Merge pull request #452 from CodeNow/enforce-omfile-permissions

anandkumarpatel · anandkumarpatel · commit c92f780c5dd7 · 2016-05-03T13:20:02.000-07:00
enforce permissions and clear formatting
diff --git a/ansible/roles/loggly/files/50-default.conf b/ansible/roles/loggly/files/50-default.conf
@@ -0,0 +1,68 @@
+#  Default rules for rsyslog.
+#
+#			For more information see rsyslog.conf(5) and /etc/rsyslog.conf
+
+#
+# First some standard log files.  Log by facility.
+#
+auth,authpriv.*			/var/log/auth.log
+*.*;auth,authpriv.none		-/var/log/syslog
+#cron.*				/var/log/cron.log
+#daemon.*			-/var/log/daemon.log
+kern.*				-/var/log/kern.log
+#lpr.*				-/var/log/lpr.log
+mail.*				-/var/log/mail.log
+#user.*				-/var/log/user.log
+
+#
+# Logging for the mail system.  Split it up so that
+# it is easy to write scripts to parse these files.
+#
+#mail.info			-/var/log/mail.info
+#mail.warn			-/var/log/mail.warn
+mail.err			/var/log/mail.err
+
+#
+# Logging for INN news system.
+#
+news.crit			/var/log/news/news.crit
+news.err			/var/log/news/news.err
+news.notice			-/var/log/news/news.notice
+
+#
+# Some "catch-all" log files.
+#
+#*.=debug;\
+#	auth,authpriv.none;\
+#	news.none;mail.none	-/var/log/debug
+#*.=info;*.=notice;*.=warn;\
+#	auth,authpriv.none;\
+#	cron,daemon.none;\
+#	mail,news.none		-/var/log/messages
+
+#
+# Emergencies are sent to everybody logged in.
+#
+*.emerg                                :omusrmsg:*
+
+#
+# I like to have messages displayed on the console, but only on a virtual
+# console I usually leave idle.
+#
+#daemon,mail.*;\
+#	news.=crit;news.=err;news.=notice;\
+#	*.=debug;*.=info;\
+#	*.=notice;*.=warn	/dev/tty8
+
+# The named pipe /dev/xconsole is for the `xconsole' utility.  To use it,
+# you must invoke `xconsole' with the `-file' option:
+# 
+#    $ xconsole -file /dev/xconsole [...]
+#
+# NOTE: adjust the list below, or you'll go crazy if you have a reasonably
+#      busy site..
+#
+daemon.*;mail.*;\
+	news.err;\
+	*.=debug;*.=info;\
+	*.=notice;*.=warn	|/dev/xconsole
diff --git a/ansible/roles/loggly/files/rsyslog.conf b/ansible/roles/loggly/files/rsyslog.conf
@@ -38,7 +38,7 @@ $ActionFileDefaultTemplate RSYSLOG_TraditionalFileFormat
 # Runnable JSON logging format
 # Creates an "output formatter" template that accepts as input JSON and prints it out without any further processing ("raw JSON").

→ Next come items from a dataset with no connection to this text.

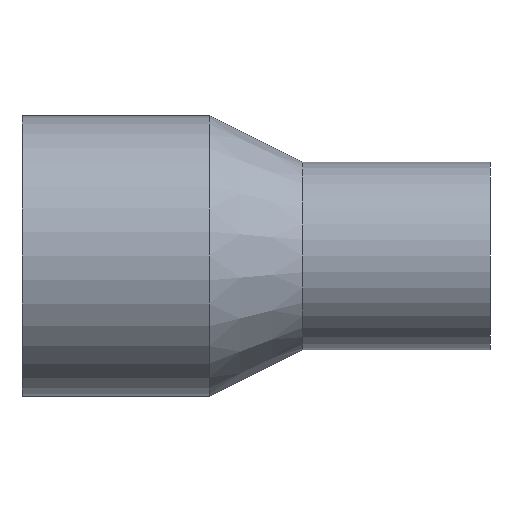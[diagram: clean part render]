
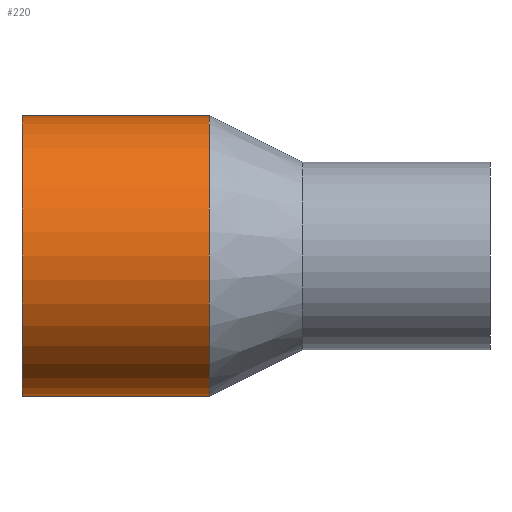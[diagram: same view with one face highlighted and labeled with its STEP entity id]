
A CAD part, front view. The second image highlights one B-rep face of the part: STEP entity #220.
In plain terms, the highlighted cylindrical face has radius 19.05 mm (diameter 38.1 mm), a partial arc.
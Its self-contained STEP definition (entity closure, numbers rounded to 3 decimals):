
#10 = DIRECTION ( 'NONE',  ( -1., 0., 0. ) ) ;
#42 = DIRECTION ( 'NONE',  ( -1., 0., 0. ) ) ;
#63 = DIRECTION ( 'NONE',  ( 0., 0., 1. ) ) ;
#67 = CARTESIAN_POINT ( 'NONE',  ( -63.937, 0., 0. ) ) ;
#84 = DIRECTION ( 'NONE',  ( -1., 0., 0. ) ) ;
#134 = CARTESIAN_POINT ( 'NONE',  ( 25.4, 0., -19.05 ) ) ;
#140 = CARTESIAN_POINT ( 'NONE',  ( -63.937, 0., -19.05 ) ) ;
#150 = ORIENTED_EDGE ( 'NONE', *, *, #239, .F. ) ;
#171 = EDGE_LOOP ( 'NONE', ( #150, #185, #250, #274 ) ) ;
#185 = ORIENTED_EDGE ( 'NONE', *, *, #257, .T. ) ;
#187 = VECTOR ( 'NONE', #42, 1000. ) ;
#188 = VECTOR ( 'NONE', #195, 1000. ) ;
#195 = DIRECTION ( 'NONE',  ( -1., 0., 0. ) ) ;
#196 = VERTEX_POINT ( 'NONE', #321 ) ;
#197 = AXIS2_PLACEMENT_3D ( 'NONE', #67, #352, #63 ) ;
#206 = CARTESIAN_POINT ( 'NONE',  ( 25.4, 0., 0. ) ) ;
#210 = EDGE_CURVE ( 'NONE', #387, #196, #399, .T. ) ;
#219 = VERTEX_POINT ( 'NONE', #134 ) ;
#220 = ADVANCED_FACE ( 'NONE', ( #359 ), #405, .T. ) ;
#239 = EDGE_CURVE ( 'NONE', #219, #375, #266, .T. ) ;
#242 = DIRECTION ( 'NONE',  ( 0., 0., 1. ) ) ;
#244 = AXIS2_PLACEMENT_3D ( 'NONE', #206, #10, #242 ) ;
#250 = ORIENTED_EDGE ( 'NONE', *, *, #210, .T. ) ;
#257 = EDGE_CURVE ( 'NONE', #219, #387, #358, .T. ) ;
#266 = LINE ( 'NONE', #140, #187 ) ;
#274 = ORIENTED_EDGE ( 'NONE', *, *, #402, .F. ) ;
#278 = CARTESIAN_POINT ( 'NONE',  ( 0., 0., 0. ) ) ;
#303 = CARTESIAN_POINT ( 'NONE',  ( 0., 0., -19.05 ) ) ;
#308 = DIRECTION ( 'NONE',  ( 0., 0., 1. ) ) ;
#317 = CARTESIAN_POINT ( 'NONE',  ( -63.937, 0., 19.05 ) ) ;
#321 = CARTESIAN_POINT ( 'NONE',  ( 0., 0., 19.05 ) ) ;
#336 = CARTESIAN_POINT ( 'NONE',  ( 25.4, 0., 19.05 ) ) ;
#352 = DIRECTION ( 'NONE',  ( -1., 0., 0. ) ) ;
#358 = CIRCLE ( 'NONE', #244, 19.05 ) ;
#359 = FACE_OUTER_BOUND ( 'NONE', #171, .T. ) ;
#375 = VERTEX_POINT ( 'NONE', #303 ) ;
#387 = VERTEX_POINT ( 'NONE', #336 ) ;
#391 = AXIS2_PLACEMENT_3D ( 'NONE', #278, #84, #308 ) ;
#399 = LINE ( 'NONE', #317, #188 ) ;
#402 = EDGE_CURVE ( 'NONE', #375, #196, #412, .T. ) ;
#405 = CYLINDRICAL_SURFACE ( 'NONE', #197, 19.05 ) ;
#412 = CIRCLE ( 'NONE', #391, 19.05 ) ;

 # The formatting around the %msg% string is as such: start printing at the second character "2" until the end of the line "$" using the raw JSON format type.
-$template RunnableJSON,"%msg:2:$:jsonr%\n"
+$template RunnableJSON,"%msg:2:$:%\n"
 
 # Filter duplicated messages
 $RepeatedMsgReduction on
diff --git a/ansible/roles/loggly/tasks/main.yml b/ansible/roles/loggly/tasks/main.yml
@@ -9,6 +9,15 @@
     cache_valid_time=604800
     install_recommends=yes
 
+- name: copy rsyslog default config
+  tags: loggly
+  become: true
+  copy:
+    src=50-default.conf
+    dest=/etc/rsyslog.d/50-default.conf
+    owner=syslog
+    group=syslog
+
 - name: copy loggly TLS config
   tags: loggly
   become: true
diff --git a/ansible/roles/loggly/templates/21-output-syslog.conf.j2 b/ansible/roles/loggly/templates/21-output-syslog.conf.j2
@@ -2,7 +2,7 @@ $WorkDirectory /var/spool/rsyslog
 
 # Rotate per hour
 $template RotateHourly_{{ name }},"{{ app_log_dir }}/%$YEAR%/%$MONTH%/%$DAY%/%$HOUR%/{{ name }}.log"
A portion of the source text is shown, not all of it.